◆ TASK BRIEF: No images, please. Copy each entry below exactly as it reads.

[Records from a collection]
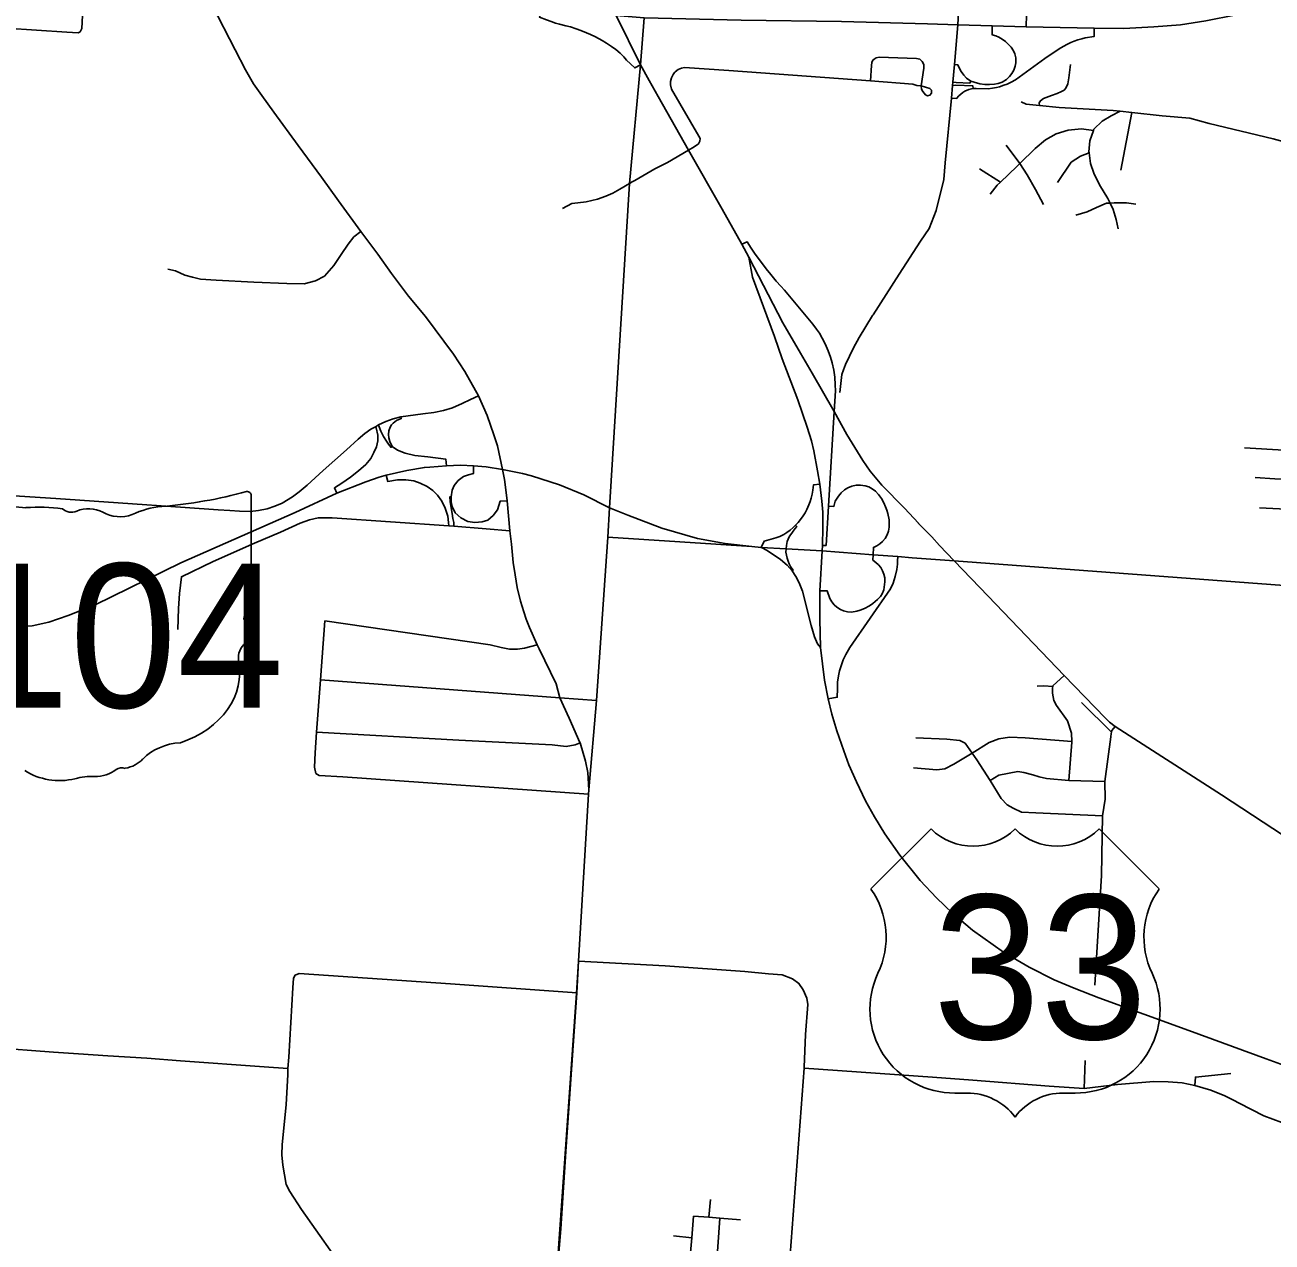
# Model space of a CAD drawing. Extents: x 1755200 to 1902939, y 644115 to 788070.
# Drawn here: x 1842872 to 1854921, y 692073 to 703837 of the extents above; entities that cross this region are included whole.
import ezdxf

# ---------------------------------------------------------------- set-up
doc = ezdxf.new("R2010")
doc.units = 0
for name, color, linetype in [('GM_X_City_Street', 7, 'Continuous'), ('GM_X_County_Road', 7, 'Continuous'), ('GM_X_Interchange_Ramps', 7, 'Continuous'), ('GM_X_Interstate_Route', 7, 'Continuous'), ('GM_X_State_Route', 7, 'Continuous'), ('GM_X_State_Shield', 7, 'Continuous'), ('GM_X_Township', 7, 'Continuous'), ('GM_X_Township_Road', 7, 'Continuous'), ('GM_X_US_Route', 7, 'Continuous'), ('GM_X_US_Shield', 7, 'Continuous')]:
    doc.layers.add(name, color=color, linetype=linetype)

msp = doc.modelspace()

# ---------------------------------------------------------------- linework, layer by layer
at = {"layer": 'GM_X_City_Street'}
for points in [[(1851757, 702425), (1851763, 702503), (1851823, 703130), (1851833, 703253), (1851836, 703284), (1851852, 703454), (1851886, 703838), (1851908, 704257), (1851922, 704417), (1851932, 704526), (1851948, 704707), (1851976, 705025)], [(1838207, 704127), (1839393, 704014), (1839902, 703984), (1840844, 703924), (1840969, 703916), (1841699, 703871), (1842395, 703825), (1843277, 703767), (1843385, 703760), (1843405, 703770), (1843420, 703802), (1843432, 703994), (1843475, 704598)], [(1847992, 691508), (1848048, 692200), (1848097, 692948), (1848203, 694483), (1848221, 694789), (1848318, 696401), (1848321, 696445), (1848310, 696612), (1848289, 696722), (1848236, 696898), (1848234, 696903), (1848131, 697138), (1848040, 697335), (1848004, 697469), (1847840, 697807), (1847820, 697845), (1847746, 698014), (1847716, 698093), (1847691, 698166), (1847661, 698268), (1847628, 698400), (1847607, 698522), (1847590, 698642), (1847572, 698819), (1847558, 698947), (1847530, 699238), (1847515, 699368), (1847504, 699443), (1847487, 699540), (1847436, 699770), (1847403, 699874), (1847339, 700063), (1847254, 700253), (1847122, 700486), (1847011, 700656), (1846743, 701020), (1846578, 701216), (1846414, 701436), (1846281, 701620), (1846126, 701827), (1846116, 701840), (1845901, 702138), (1845738, 702366), (1845513, 702672), (1845276, 702993), (1845160, 703154), (1845080, 703269), (1845004, 703402), (1844903, 703597), (1844680, 704029)], [(1849147, 703376), (1849153, 703383), (1849184, 703405), (1849214, 703420), (1849245, 703425), (1849673, 703398), (1851041, 703297), (1851451, 703263), (1851490, 703253), (1851531, 703249), (1851615, 703223), (1851629, 703205), (1851630, 703178), (1851615, 703157), (1851593, 703152), (1851574, 703160), (1851547, 703193), (1851534, 703217)], [(1851534, 703217), (1851531, 703249), (1851557, 703418), (1851555, 703456), (1851541, 703483), (1851518, 703506), (1851484, 703514), (1851124, 703524), (1851097, 703519), (1851077, 703507), (1851065, 703496), (1851054, 703473), (1851051, 703444), (1851041, 703297)], [(1852673, 703058), (1852671, 703084), (1852683, 703104), (1852711, 703126), (1852789, 703156), (1852845, 703175), (1852888, 703193), (1852912, 703207), (1852928, 703227), (1852946, 703267), (1852958, 703325), (1852973, 703454)], [(1849283, 702627), (1849338, 702660), (1849380, 702688), (1849392, 702713), (1849394, 702739), (1849384, 702763), (1849120, 703217), (1849110, 703257), (1849110, 703291), (1849117, 703325), (1849133, 703359), (1849147, 703376)], [(1852497, 703094), (1852545, 703070), (1852673, 703058), (1852863, 703039), (1853385, 703011), (1853452, 703004), (1853565, 702991), (1853858, 702958), (1854126, 702937), (1854312, 702884), (1854932, 702735), (1855428, 702601), (1855878, 702466), (1856720, 702182)], [(1853433, 701865), (1853414, 701957), (1853386, 702052), (1853355, 702115), (1853334, 702158), (1853253, 702291), (1853199, 702405), (1853167, 702499), (1853153, 702602), (1853152, 702610), (1853160, 702716), (1853196, 702816), (1853200, 702828), (1853279, 702908), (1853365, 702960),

◆ ANSWER BOX:
# Model space of a CAD drawing. Extents: x 1755200 to 1902939, y 644115 to 788070.
# Drawn here: x 1842872 to 1854921, y 692073 to 703837 of the extents above; entities that cross this region are included whole.
import ezdxf

# ---------------------------------------------------------------- set-up
doc = ezdxf.new("R2010")
doc.units = 0
for name, color, linetype in [('GM_X_City_Street', 7, 'Continuous'), ('GM_X_County_Road', 7, 'Continuous'), ('GM_X_Interchange_Ramps', 7, 'Continuous'), ('GM_X_Interstate_Route', 7, 'Continuous'), ('GM_X_State_Route', 7, 'Continuous'), ('GM_X_State_Shield', 7, 'Continuous'), ('GM_X_Township', 7, 'Continuous'), ('GM_X_Township_Road', 7, 'Continuous'), ('GM_X_US_Route', 7, 'Continuous'), ('GM_X_US_Shield', 7, 'Continuous')]:
    doc.layers.add(name, color=color, linetype=linetype)

msp = doc.modelspace()

# ---------------------------------------------------------------- linework, layer by layer
at = {"layer": 'GM_X_City_Street'}
for points in [[(1851757, 702425), (1851763, 702503), (1851823, 703130), (1851833, 703253), (1851836, 703284), (1851852, 703454), (1851886, 703838), (1851908, 704257), (1851922, 704417), (1851932, 704526), (1851948, 704707), (1851976, 705025)], [(1838207, 704127), (1839393, 704014), (1839902, 703984), (1840844, 703924), (1840969, 703916), (1841699, 703871), (1842395, 703825), (1843277, 703767), (1843385, 703760), (1843405, 703770), (1843420, 703802), (1843432, 703994), (1843475, 704598)], [(1847992, 691508), (1848048, 692200), (1848097, 692948), (1848203, 694483), (1848221, 694789), (1848318, 696401), (1848321, 696445), (1848310, 696612), (1848289, 696722), (1848236, 696898), (1848234, 696903), (1848131, 697138), (1848040, 697335), (1848004, 697469), (1847840, 697807), (1847820, 697845), (1847746, 698014), (1847716, 698093), (1847691, 698166), (1847661, 698268), (1847628, 698400), (1847607, 698522), (1847590, 698642), (1847572, 698819), (1847558, 698947), (1847530, 699238), (1847515, 699368), (1847504, 699443), (1847487, 699540), (1847436, 699770), (1847403, 699874), (1847339, 700063), (1847254, 700253), (1847122, 700486), (1847011, 700656), (1846743, 701020), (1846578, 701216), (1846414, 701436), (1846281, 701620), (1846126, 701827), (1846116, 701840), (1845901, 702138), (1845738, 702366), (1845513, 702672), (1845276, 702993), (1845160, 703154), (1845080, 703269), (1845004, 703402), (1844903, 703597), (1844680, 704029)], [(1849147, 703376), (1849153, 703383), (1849184, 703405), (1849214, 703420), (1849245, 703425), (1849673, 703398), (1851041, 703297), (1851451, 703263), (1851490, 703253), (1851531, 703249), (1851615, 703223), (1851629, 703205), (1851630, 703178), (1851615, 703157), (1851593, 703152), (1851574, 703160), (1851547, 703193), (1851534, 703217)], [(1851534, 703217), (1851531, 703249), (1851557, 703418), (1851555, 703456), (1851541, 703483), (1851518, 703506), (1851484, 703514), (1851124, 703524), (1851097, 703519), (1851077, 703507), (1851065, 703496), (1851054, 703473), (1851051, 703444), (1851041, 703297)], [(1852673, 703058), (1852671, 703084), (1852683, 703104), (1852711, 703126), (1852789, 703156), (1852845, 703175), (1852888, 703193), (1852912, 703207), (1852928, 703227), (1852946, 703267), (1852958, 703325), (1852973, 703454)], [(1849283, 702627), (1849338, 702660), (1849380, 702688), (1849392, 702713), (1849394, 702739), (1849384, 702763), (1849120, 703217), (1849110, 703257), (1849110, 703291), (1849117, 703325), (1849133, 703359), (1849147, 703376)], [(1852497, 703094), (1852545, 703070), (1852673, 703058), (1852863, 703039), (1853385, 703011), (1853452, 703004), (1853565, 702991), (1853858, 702958), (1854126, 702937), (1854312, 702884), (1854932, 702735), (1855428, 702601), (1855878, 702466), (1856720, 702182)], [(1853433, 701865), (1853414, 701957), (1853386, 702052), (1853355, 702115), (1853334, 702158), (1853253, 702291), (1853199, 702405), (1853167, 702499), (1853153, 702602), (1853152, 702610), (1853160, 702716), (1853196, 702816), (1853200, 702828), (1853279, 702908), (1853365, 702960),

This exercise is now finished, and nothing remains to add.